*Prompt*.
Transcribe the entries exactly; images are not part of the copy.
=======
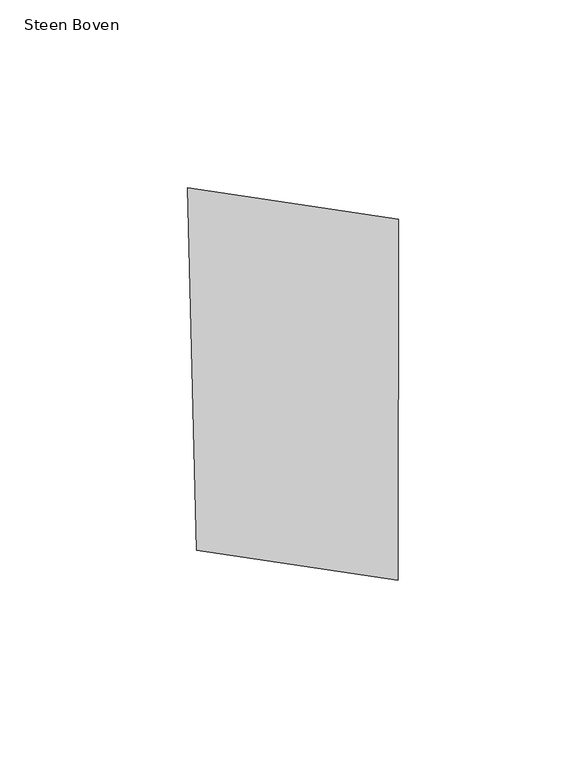
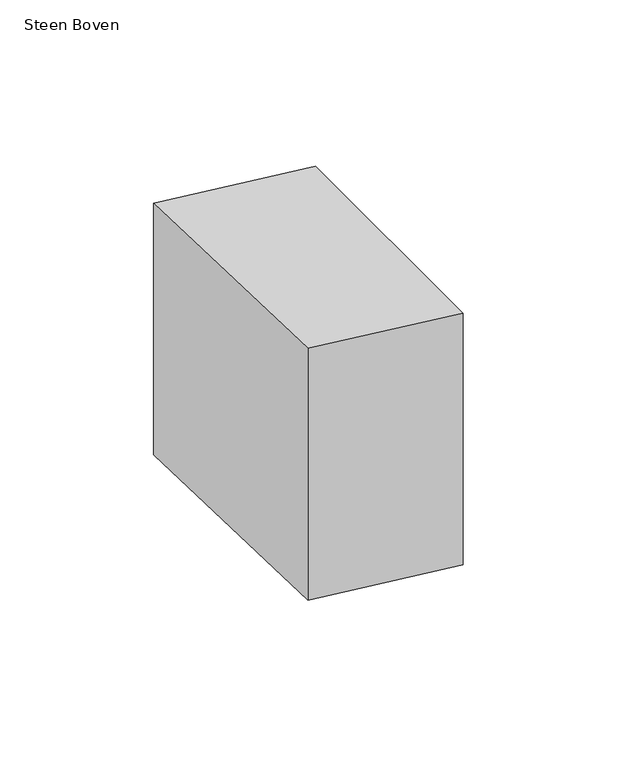
"""IFC4 building model written with IfcOpenShell, lengths in millimetres: proxy geometry, 00_GMA_steen_versie_4 : Steen Boven."""

from ifc_helpers import new_model, si_unit, origin, origin_with_axes, place, context, project, spatial, polyline, outline, extrude, source, transform, mapped, element, save


def steen_boven_d8d8c79b(model_context):
    return source(origin(), model_context, "Body", "SweptSolid", [
        extrude(outline(polyline([(100.6605952, 119.86202), (100.5581516, 23.7906576), (47.0085955, 31.6852786), (44.6025305, 128.1448028), (100.6605952, 119.86202)])), origin_with_axes(), (0.0, 0.0, 1.0), 100.0),
    ])


if __name__ == "__main__":
    model = new_model("IFC4")
    model_context = context("Model", 3, world=origin())
    ifc_project = project(units=[si_unit("LENGTHUNIT", "METRE", prefix="MILLI")], contexts=[model_context])
    site = spatial("IfcSite", under=ifc_project)
    building = spatial("IfcBuilding", under=site)
    placement = place(None, origin())
    steen_boven_shape = steen_boven_d8d8c79b(model_context)
    element("IfcBuildingElementProxy", 1, Name="00_GMA_steen_versie_4 : Steen Boven", ObjectType="00_GMA_steen_versie_4 : Steen Boven", at=placement, inside=building, context=model_context, shape_type="MappedRepresentation", body=[
        mapped(steen_boven_shape, transform((0.0, 0.0, 0.0), x_axis=(1.0, 0.0, 0.0), y_axis=(0.0, 1.0, 0.0), z_axis=(0.0, 0.0, 1.0))),
    ])
    save(model, "model.ifc")

# Revit data of these elements
# Type "00_GMA_steen_versie_4 : Steen Boven"
#   StootVoegHalfBoven [instance default] = 5 mm
#   StootVoegHalf [instance default] = 5 mm
#   StootVoegBreedteOnder = 10 mm
#   StootVoegBreedteBoven = 10 mm
#   Steendikte = 100 mm
#   LintVoegOnderHalf = 5 mm
#   LintVoegOnder = 10 mm
#   LintVoegBovenHalf = 0 mm
#   LintVoegBoven = 0 mm
#   materiaal = none
#   MateriaalVoeg = none
#   Default Elevation = 0
=======
*Response area*.
"""IFC4 building model written with IfcOpenShell, lengths in millimetres: proxy geometry, 00_GMA_steen_versie_4 : Steen Boven."""

from ifc_helpers import new_model, si_unit, origin, origin_with_axes, place, context, project, spatial, polyline, outline, extrude, source, transform, mapped, element, save


def steen_boven_d8d8c79b(model_context):
    return source(origin(), model_context, "Body", "SweptSolid", [
        extrude(outline(polyline([(100.6605952, 119.86202), (100.5581516, 23.7906576), (47.0085955, 31.6852786), (44.6025305, 128.1448028), (100.6605952, 119.86202)])), origin_with_axes(), (0.0, 0.0, 1.0), 100.0),
    ])


if __name__ == "__main__":
    model = new_model("IFC4")
    model_context = context("Model", 3, world=origin())
    ifc_project = project(units=[si_unit("LENGTHUNIT", "METRE", prefix="MILLI")], contexts=[model_context])
    site = spatial("IfcSite", under=ifc_project)
    building = spatial("IfcBuilding", under=site)
    placement = place(None, origin())
    steen_boven_shape = steen_boven_d8d8c79b(model_context)
    element("IfcBuildingElementProxy", 1, Name="00_GMA_steen_versie_4 : Steen Boven", ObjectType="00_GMA_steen_versie_4 : Steen Boven", at=placement, inside=building, context=model_context, shape_type="MappedRepresentation", body=[
        mapped(steen_boven_shape, transform((0.0, 0.0, 0.0), x_axis=(1.0, 0.0, 0.0), y_axis=(0.0, 1.0, 0.0), z_axis=(0.0, 0.0, 1.0))),
    ])
    save(model, "model.ifc")

# Revit data of these elements
# Type "00_GMA_steen_versie_4 : Steen Boven"
#   StootVoegHalfBoven [instance default] = 5 mm
#   StootVoegHalf [instance default] = 5 mm
#   StootVoegBreedteOnder = 10 mm
#   StootVoegBreedteBoven = 10 mm
#   Steendikte = 100 mm
#   LintVoegOnderHalf = 5 mm
#   LintVoegOnder = 10 mm
#   LintVoegBovenHalf = 0 mm
#   LintVoegBoven = 0 mm
#   materiaal = none
#   MateriaalVoeg = none
#   Default Elevation = 0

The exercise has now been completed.